The volume collected in these tests is small (about 10–15 litres), but it does give an indication of the formation fluids in the reservoir. The test also records pressure of the incoming fluid and some general extrapolations can be made about flow rates. The wireline test is particularly useful in locating hydrocarbon/water contacts and the extent of transition zones.

A drill stem test is more expensive and involves the lowering of a test tool into the well on the end of drill pipe. Packers again isolate the section to be tested and, when the valve is opened, the reservoir fluid is allowed to flow into the drill pipe. It is then recovered when the pipe is pulled out at the end of the test. Alternatively the hydrocarbons may be allowed to flow to surface in a full production test where they are controlled via a series of chokes of different sizes. Pressure and volume of fluids are measured. Oil is collected, while gas is flared.
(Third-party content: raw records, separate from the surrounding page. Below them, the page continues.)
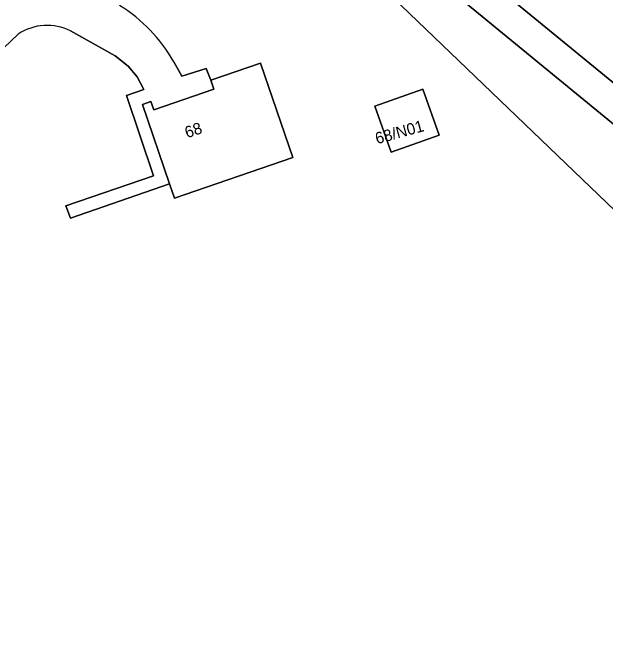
# Model space of a CAD drawing. Extents: x 162417 to 163722, y 384268 to 385417.
# Drawn here: x 163351.6 to 163403.1, y 384814.8 to 384869.2 of the extents above; entities that cross this region are included whole.
import ezdxf

# ---------------------------------------------------------------- set-up
doc = ezdxf.new("R2010")
doc.units = 0
for name, color, linetype in [('IMGEO_Erf', 7, 'Continuous'), ('IMGEO_Loofbos', 7, 'Continuous'), ('IMGEO_Pand', 7, 'Continuous'), ('IMGEO_Pand_nummerreeks', 7, 'Continuous'), ('IMGEO_Rijbaan_lokaal_open', 7, 'Continuous'), ('IMGEO_Voetpad_open', 7, 'Continuous')]:
    doc.layers.add(name, color=color, linetype=linetype)

msp = doc.modelspace()

# ---------------------------------------------------------------- linework, layer by layer
at = {"layer": 'IMGEO_Erf'}
for points in [[(163478.968, 384778.944), (163452.807, 384811.328), (163449.552, 384814.496), (163444.744, 384812.832), (163371.736, 384882.911), (163368.168, 384880.503), (163366.653, 384879.471), (163363.837, 384877.552), (163359.249, 384874.08)], [(163365.587, 384864.936), (163366.302, 384863.683), (163368.413, 384864.364), (163368.799, 384863.337), (163373.132, 384864.82), (163375.942, 384856.61), (163365.646, 384853.085), (163365.216, 384854.34), (163356.607, 384851.355), (163356.211, 384852.406), (163363.819, 384855.025), (163361.467, 384861.993), (163362.992, 384862.532), (163362.415, 384863.614), (163361.637, 384864.562), (163360.503, 384865.462), (163356.619, 384867.614)], [(163352.08, 384867.341), (163333.129, 384849.312)]]:
    msp.add_lwpolyline(points, dxfattribs=at)
msp.add_lwpolyline([(163388.65, 384858.56), (163384.467, 384857.072), (163383.045, 384861.069), (163387.228, 384862.557)], close=True, dxfattribs=at)
for centre, radius, start, end in [((163353.586, 384858.101), 13.811, 29.6625, 58.1302), ((163354.583, 384863.601), 4.5, 63.0928, 123.7911)]:
    msp.add_arc(centre, radius, start, end, dxfattribs=at)
at = {"layer": 'IMGEO_Loofbos'}
for points in [[(163404.422, 384858.994), (163383.225, 384876.4), (163378.166, 384887.357), (163371.736, 384882.911), (163444.744, 384812.832), (163449.552, 384814.496), (163441.59, 384822.244), (163437.759, 384821.38), (163413.902, 384849.546)], [(163392.196, 384872.647), (163408.421, 384859.297), (163410.514, 384857.379), (163414.147, 384853.364), (163438.619, 384824.336), (163442.822, 384825.228), (163444.598, 384823.469), (163448.899, 384826.989), (163448.546, 384827.421), (163446.26, 384830.213), (163406.766, 384879.335), (163392.734, 384873.707), (163392.106, 384873.165)]]:
    msp.add_lwpolyline(points, dxfattribs=at)
at = {"layer": 'IMGEO_Pand'}
for points in [[(163365.646, 384853.085), (163375.942, 384856.61), (163373.132, 384864.82), (163368.799, 384863.337), (163369.07, 384862.545), (163363.851, 384860.759), (163363.603, 384861.483), (163362.859, 384861.228), (163365.216, 384854.34)], [(163388.65, 384858.56), (163387.228, 384862.557), (163383.045, 384861.069), (163384.467, 384857.072)]]:
    msp.add_lwpolyline(points, close=True, dxfattribs=at)
at = {"layer": 'IMGEO_Rijbaan_lokaal_open'}
for points in [[(163356.619, 384867.614), (163360.503, 384865.462), (163361.637, 384864.562), (163362.415, 384863.614), (163362.992, 384862.532), (163361.467, 384861.993), (163363.819, 384855.025), (163356.211, 384852.406), (163356.607, 384851.355), (163365.216, 384854.34), (163362.859, 384861.228), (163363.603, 384861.483), (163363.851, 384860.759), (163369.07, 384862.545), (163368.799, 384863.337), (163368.413, 384864.364), (163366.302, 384863.683), (163365.587, 384864.936)], [(163333.129, 384849.312), (163352.08, 384867.341)]]:
    msp.add_lwpolyline(points, dxfattribs=at)
for centre, radius, start, end in [((163353.586, 384858.101), 13.811, 29.6625, 58.1302), ((163354.583, 384863.601), 4.5, 63.0928, 123.7911)]:
    msp.add_arc(centre, radius, start, end, dxfattribs=at)
at = {"layer": 'IMGEO_Voetpad_open'}
for points in [[(163414.147, 384853.364), (163410.514, 384857.379), (163408.421, 384859.297), (163392.196, 384872.647), (163388.512, 384875.738), (163385.472, 384878.291), (163380.909, 384888.238), (163379.128, 384892.265), (163374.727, 384900.875), (163364.022, 384920.643), (163344.699, 384957.814)], [(163347.204, 384946.37), (163360.118, 384921.532), (163369.878, 384904.051), (163377.046, 384890.814), (163378.166, 384887.357), (163383.225, 384876.4), (163404.422, 384858.994)]]:
    msp.add_lwpolyline(points, dxfattribs=at)

# ---------------------------------------------------------------- texts
at = {"layer": 'IMGEO_Pand_nummerreeks'}
for s, rotation, p in [('68', 18.8915, (163366.743, 384858.281)), ('68/N01', 15.5241, (163383.252, 384857.768))]:
    msp.add_text(s, height=1, rotation=rotation, dxfattribs=at).set_placement(p)

doc.saveas('drawing.dxf')

An open hole test is one that is done on a part of the hole that has not been cased. In a cased hole the test is conducted through perforations shot through the steel walls at the level of the reservoir zone.

Often the test will be shut in after a time to allow the pressure in the reservoir to build up again after the initial flow. Then it is reopened for a second and even a third measurement. Continuity of pressure during a test run and rapidity of pressure build-up between tests give some indication of the permeability of a reservoir and its potential performance in full production mode.

Occasionally, when the discovery is small or marginal, companies will run a long-term production test, stopping and starting the well flow over a period of months to better determine the economics and overall viability of a full development program.